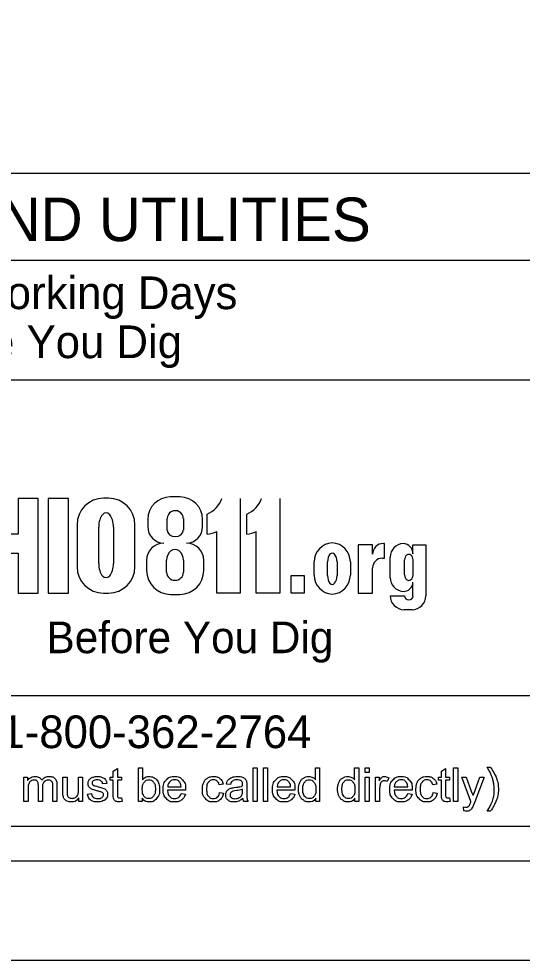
# Model space of a CAD drawing. Extents: x 0 to 34, y 0 to 22.
# Drawn here: x 5.428 to 7.969, y 0 to 4.754 of the extents above; entities that cross this region are included whole.
import ezdxf

# ---------------------------------------------------------------- set-up
doc = ezdxf.new("R2010")
doc.units = 0
for name, color, linetype in [('SH_Border', 7, 'Continuous'), ('SH_Cut_Line', 7, 'Continuous'), ('SH_Data', 7, 'Continuous')]:
    doc.layers.add(name, color=color, linetype=linetype)

msp = doc.modelspace()

# ---------------------------------------------------------------- linework, layer by layer
at = {"layer": 'SH_Border'}
msp.add_lwpolyline([(2, 21.5), (33.5, 21.5), (33.5, 0.5), (2, 0.5)], close=True, dxfattribs=at)
at = {"layer": 'SH_Cut_Line'}
msp.add_lwpolyline([(0, 0), (34, 0), (34, 22), (0, 22)], close=True, dxfattribs=at)
at = {"layer": 'SH_Data'}
for p, q in [((3.224, 3.975), (8.449, 3.975)), ((3.224, 3.535), (8.449, 3.535)), ((3.224, 2.93), (8.449, 2.93)), ((5.8804, 2.3328), (5.8557, 2.3328)), ((6.2416, 2.3393), (6.1927, 2.3393)), ((6.5453, 2.3313), (6.5453, 1.8533)), ((6.7454, 2.3313), (6.7454, 1.8533)), ((6.3786, 2.151), (6.3786, 2.2528)), ((6.5787, 2.151), (6.5787, 2.2528)), ((5.7221, 2.1991), (5.7221, 1.987)), ((5.831, 2.004), (5.831, 2.1867)), ((5.9054, 2.1867), (5.9054, 2.004)), ((6.0141, 1.987), (6.0141, 2.1991)), ((6.0787, 2.2253), (6.0787, 2.189)), ((6.1775, 2.172), (6.1775, 2.2307)), ((6.2584, 2.2307), (6.2584, 2.172)), ((6.3555, 2.189), (6.3555, 2.2253)), ((6.4268, 1.8533), (6.4268, 2.1649)), ((6.6269, 1.8533), (6.6269, 2.1649)), ((7.2141, 2.0967), (7.1411, 2.0967)), ((7.1411, 2.0967), (7.1411, 1.8533)), ((7.2141, 2.0496), (7.2141, 2.0967)), ((7.2748, 2.1045), (7.2689, 2.1045)), ((7.2748, 2.03), (7.2748, 2.1045)), ((7.418, 2.0518), (7.418, 2.0981)), ((7.418, 2.0981), (7.4831, 2.0981)), ((7.4831, 2.0981), (7.4831, 1.8398)), ((6.0731, 2.0189), (6.0731, 1.968)), ((6.1739, 1.9591), (6.1739, 2.0203)), ((6.2589, 2.0203), (6.2589, 1.9591)), ((6.3616, 1.968), (6.3616, 2.0189)), ((6.9192, 1.9442), (6.9192, 2.0119)), ((6.9864, 1.943), (6.9864, 2.0119)), ((7.0345, 2.0119), (7.0345, 1.943)), ((7.1017, 2.0119), (7.1017, 1.9442)), ((7.2634, 2.03), (7.2748, 2.03)), ((7.3031, 1.9316), (7.3031, 2.0356)), ((7.3753, 1.9455), (7.3753, 2.0217)), ((7.418, 2.0217), (7.418, 1.9455)), ((7.2141, 1.8533), (7.2141, 1.9807)), ((7.418, 1.8398), (7.418, 1.9091)), ((5.8557, 1.8533), (5.8804, 1.8533)), ((6.1941, 1.8471), (6.2407, 1.8471)), ((6.5453, 1.8533), (6.4268, 1.8533)), ((6.7454, 1.8533), (6.6269, 1.8533)), ((7.1411, 1.8533), (7.2141, 1.8533)), ((7.3031, 1.8398), (7.3753, 1.8398)), ((7.4133, 1.77), (7.373, 1.77)), ((8.449, 1.3351), (3.224, 1.3351)), ((8.449, 0.675), (3.224, 0.675))]:
    msp.add_line(p, q, dxfattribs=at)
for points in [[(5.3476, 2.0554), (5.4237, 2.0554), (5.4237, 1.8533), (5.5252, 1.8533), (5.5252, 2.3313), (5.4237, 2.3313), (5.4237, 2.151), (5.3476, 2.151), (5.3476, 2.3313)], [(5.576, 1.8533), (5.6787, 1.8533), (5.6787, 2.3313), (5.576, 2.3313), (5.576, 1.8533)], [(6.1596, 2.1054), (6.1596, 2.1053)], [(6.2751, 2.1053), (6.2751, 2.1054)], [(5.9045, 0.8379), (5.9045, 0.9086), (5.8891, 0.9086), (5.8891, 0.9247), (5.9045, 0.9247), (5.9045, 0.9551), (5.9253, 0.9676), (5.9253, 0.9247), (5.946, 0.9247), (5.946, 0.9086), (5.9253, 0.9086), (5.9253, 0.8366)], [(6.0513, 0.8019), (6.032, 0.8019), (6.032, 0.9713), (6.0528, 0.9713), (6.0528, 0.911)], [(6.6105, 0.8019), (6.6105, 0.9713), (6.6313, 0.9713), (6.6313, 0.8019), (6.6105, 0.8019)], [(6.663, 0.8019), (6.663, 0.9713), (6.6838, 0.9713), (6.6838, 0.8019), (6.663, 0.8019)], [(6.9258, 0.9106), (6.9258, 0.9713), (6.9466, 0.9713), (6.9466, 0.8019), (6.9273, 0.8019)], [(7.1231, 0.9106), (7.1231, 0.9713), (7.1439, 0.9713), (7.1439, 0.8019), (7.1246, 0.8019)], [(7.1766, 0.9474), (7.1766, 0.9713), (7.1974, 0.9713), (7.1974, 0.9474), (7.1766, 0.9474)], [(7.5615, 0.8379), (7.5615, 0.9086), (7.5462, 0.9086), (7.5462, 0.9247), (7.5615, 0.9247), (7.5615, 0.9551), (7.5823, 0.9676), (7.5823, 0.9247), (7.6031, 0.9247), (7.6031, 0.9086), (7.5823, 0.9086), (7.5823, 0.8366)], [(7.623, 0.8019), (7.623, 0.9713), (7.6438, 0.9713), (7.6438, 0.8019), (7.623, 0.8019)], [(7.7932, 0.9742), (7.808, 0.9742)], [(5.4536, 0.8019), (5.4536, 0.9247), (5.4722, 0.9247), (5.4722, 0.9074)], [(5.6502, 0.8487), (5.6502, 0.9247), (5.671, 0.9247), (5.671, 0.8567)], [(5.7289, 0.859), (5.7289, 0.9247), (5.7497, 0.9247), (5.7497, 0.8019), (5.7311, 0.8019)], [(7.1766, 0.8019), (7.1766, 0.9247), (7.1974, 0.9247), (7.1974, 0.8019), (7.1766, 0.8019)], [(7.2288, 0.8019), (7.2288, 0.9247), (7.2475, 0.9247), (7.2475, 0.9061)], [(7.2954, 0.9208), (7.2882, 0.9015)], [(7.7108, 0.8018), (7.6642, 0.9247), (7.6866, 0.9247), (7.7121, 0.8538)], [(7.7296, 0.8531), (7.7559, 0.9247), (7.7767, 0.9247), (7.7301, 0.7998)], [(5.4744, 0.8656), (5.4744, 0.8019), (5.4536, 0.8019)], [(5.5473, 0.8732), (5.5473, 0.8019), (5.5265, 0.8019), (5.5265, 0.8816)], [(5.62, 0.8862), (5.62, 0.8019), (5.5992, 0.8019), (5.5992, 0.8792)], [(5.8714, 0.893), (5.851, 0.8902)], [(6.2698, 0.858), (6.1782, 0.858)], [(6.1794, 0.875), (6.2479, 0.875)], [(6.4597, 0.8886), (6.4394, 0.8855)], [(6.4963, 0.8869), (6.4759, 0.8896)], [(6.5577, 0.8559), (6.5578, 0.8635)], [(6.5787, 0.8811), (6.5787, 0.8534)], [(6.8221, 0.858), (6.7306, 0.858)], [(6.7317, 0.875), (6.8003, 0.875)], [(7.2496, 0.8662), (7.2496, 0.8019), (7.2288, 0.8019)], [(7.4138, 0.858), (7.3223, 0.858)], [(7.3235, 0.875), (7.392, 0.875)], [(7.538, 0.8886), (7.5178, 0.8855)], [(5.7311, 0.8019), (5.7311, 0.8201)], [(5.7739, 0.8386), (5.7945, 0.8418)], [(5.946, 0.8205), (5.949, 0.8021)], [(6.0513, 0.8173), (6.0513, 0.8019)], [(6.2477, 0.8416), (6.2692, 0.8389)], [(6.4412, 0.8469), (6.4616, 0.8441)], [(6.8, 0.8416), (6.8215, 0.8389)], [(6.9273, 0.8019), (6.9273, 0.8174)], [(7.1246, 0.8019), (7.1246, 0.8174)], [(7.3918, 0.8416), (7.4133, 0.8389)], [(7.5196, 0.8469), (7.54, 0.8441)], [(7.6031, 0.8205), (7.6061, 0.8021)], [(6.5853, 0.8019), (6.5636, 0.8019)], [(7.6752, 0.7548), (7.6728, 0.7743)], [(7.808, 0.7521), (7.7932, 0.7521)]]:
    msp.add_lwpolyline(points, dxfattribs=at)
msp.add_lwpolyline([(6.8034, 1.943), (6.8693, 1.943), (6.8693, 1.8533), (6.8034, 1.8533)], close=True, dxfattribs=at)
for centre, radius, start, end in [((5.8557, 2.1991), 0.1337, 90, 180), ((5.8804, 2.1991), 0.1337, 0, 90), ((6.1927, 2.2253), 0.114, 90, 180), ((6.2416, 2.2253), 0.114, 0, 90), ((6.3279, 2.3749), 0.1322, 292.5572, 340.7355), ((6.528, 2.3749), 0.1322, 292.5572, 340.7355), ((6.1623, 2.189), 0.0837, 180, 268.1442), ((6.2719, 2.189), 0.0837, 272.2058, 0), ((6.3666, 2.2826), 0.1322, 275.1733, 297.0931), ((6.5668, 2.2826), 0.1322, 275.1733, 297.0931), ((6.1596, 2.0189), 0.0865, 90, 180), ((6.2751, 2.0189), 0.0865, 0, 90), ((7.0147, 2.0119), 0.0956, 92.5886, 180), ((7.0061, 2.0119), 0.0956, 0, 87.4114), ((7.2689, 2.0496), 0.0548, 90, 180), ((7.3717, 2.0356), 0.0686, 92.6865, 180), ((7.3657, 2.0518), 0.0524, 0, 86.9262), ((7.2634, 1.9807), 0.0493, 90, 180), ((5.8557, 1.987), 0.1337, 180, 270), ((5.8804, 1.987), 0.1337, 270, 0), ((6.1941, 1.968), 0.1209, 180, 270), ((6.2407, 1.968), 0.1209, 270, 0), ((7.0147, 1.9442), 0.0956, 180, 267.4114), ((7.0061, 1.9442), 0.0956, 272.5886, 0), ((7.3723, 1.9316), 0.0692, 180, 265.7132), ((7.3713, 1.9091), 0.0467, 264.7825, 0), ((7.373, 1.8398), 0.0699, 180, 270), ((7.4133, 1.8398), 0.0699, 270, 0)]:
    msp.add_arc(centre, radius, start, end, dxfattribs=at)
for centre, major_axis, ratio, start_param, end_param in [((5.8682, 2.1867), (0, 0.0723), 0.514403, 4.712389, 7.853982), ((6.2179, 2.2307), (0.0404, 0), 0.969373, 0, 3.141593), ((6.2179, 2.172), (0.0404, 0), 0.818453, 3.141593, 6.283185), ((6.2164, 2.0203), (0, 0.0535), 0.794529, 4.712389, 7.853982), ((7.0104, 2.0119), (0, 0.0434), 0.553236, 4.712389, 7.853982), ((7.3967, 2.0217), (0, 0.0275), 0.777179, 4.712389, 7.853982), ((5.8682, 2.004), (0, 0.0723), 0.514403, 1.570796, 4.712389), ((6.2164, 1.9591), (0.0425, 0), 0.959837, 3.141593, 6.283185), ((7.0104, 1.943), (0, 0.046), 0.522014, 1.570796, 4.712389), ((7.3967, 1.9455), (0, 0.0275), 0.777179, 1.570796, 4.712389), ((7.3967, 1.8398), (0.0214, 0), 0.959012, 3.141593, 6.283185)]:
    msp.add_ellipse(centre, major_axis=major_axis, ratio=ratio, start_param=start_param, end_param=end_param, dxfattribs=at)
for points, degree in [([(7.7932, 0.7521), (7.8276, 0.8075), (7.8276, 0.8631), (7.8276, 0.8848), (7.8227, 0.9062), (7.8188, 0.9236), (7.8117, 0.9395), (7.8072, 0.9499), (7.7932, 0.9742)], 3), ([(7.808, 0.9742), (7.8298, 0.9452), (7.8402, 0.9159), (7.8491, 0.8907), (7.8491, 0.8632), (7.8491, 0.832), (7.8371, 0.8029), (7.8251, 0.7738), (7.808, 0.7521)], 3), ([(5.4722, 0.9074), (5.4779, 0.9164), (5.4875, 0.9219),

**The task**
Using the listing above, return word for word each line from the one that has "1.8533)], close=True, dxfattribs=at)" through the one that has "for centre, major_axis, ratio, start_param, end_param", and no line outside that range.

**Task answer**
msp.add_lwpolyline([(6.8034, 1.943), (6.8693, 1.943), (6.8693, 1.8533), (6.8034, 1.8533)], close=True, dxfattribs=at)
for centre, radius, start, end in [((5.8557, 2.1991), 0.1337, 90, 180), ((5.8804, 2.1991), 0.1337, 0, 90), ((6.1927, 2.2253), 0.114, 90, 180), ((6.2416, 2.2253), 0.114, 0, 90), ((6.3279, 2.3749), 0.1322, 292.5572, 340.7355), ((6.528, 2.3749), 0.1322, 292.5572, 340.7355), ((6.1623, 2.189), 0.0837, 180, 268.1442), ((6.2719, 2.189), 0.0837, 272.2058, 0), ((6.3666, 2.2826), 0.1322, 275.1733, 297.0931), ((6.5668, 2.2826), 0.1322, 275.1733, 297.0931), ((6.1596, 2.0189), 0.0865, 90, 180), ((6.2751, 2.0189), 0.0865, 0, 90), ((7.0147, 2.0119), 0.0956, 92.5886, 180), ((7.0061, 2.0119), 0.0956, 0, 87.4114), ((7.2689, 2.0496), 0.0548, 90, 180), ((7.3717, 2.0356), 0.0686, 92.6865, 180), ((7.3657, 2.0518), 0.0524, 0, 86.9262), ((7.2634, 1.9807), 0.0493, 90, 180), ((5.8557, 1.987), 0.1337, 180, 270), ((5.8804, 1.987), 0.1337, 270, 0), ((6.1941, 1.968), 0.1209, 180, 270), ((6.2407, 1.968), 0.1209, 270, 0), ((7.0147, 1.9442), 0.0956, 180, 267.4114), ((7.0061, 1.9442), 0.0956, 272.5886, 0), ((7.3723, 1.9316), 0.0692, 180, 265.7132), ((7.3713, 1.9091), 0.0467, 264.7825, 0), ((7.373, 1.8398), 0.0699, 180, 270), ((7.4133, 1.8398), 0.0699, 270, 0)]:
    msp.add_arc(centre, radius, start, end, dxfattribs=at)
for centre, major_axis, ratio, start_param, end_param in [((5.8682, 2.1867), (0, 0.0723), 0.514403, 4.712389, 7.853982), ((6.2179, 2.2307), (0.0404, 0), 0.969373, 0, 3.141593), ((6.2179, 2.172), (0.0404, 0), 0.818453, 3.141593, 6.283185), ((6.2164, 2.0203), (0, 0.0535), 0.794529, 4.712389, 7.853982), ((7.0104, 2.0119), (0, 0.0434), 0.553236, 4.712389, 7.853982), ((7.3967, 2.0217), (0, 0.0275), 0.777179, 4.712389, 7.853982), ((5.8682, 2.004), (0, 0.0723), 0.514403, 1.570796, 4.712389), ((6.2164, 1.9591), (0.0425, 0), 0.959837, 3.141593, 6.283185), ((7.0104, 1.943), (0, 0.046), 0.522014, 1.570796, 4.712389), ((7.3967, 1.9455), (0, 0.0275), 0.777179, 1.570796, 4.712389), ((7.3967, 1.8398), (0.0214, 0), 0.959012, 3.141593, 6.283185)]:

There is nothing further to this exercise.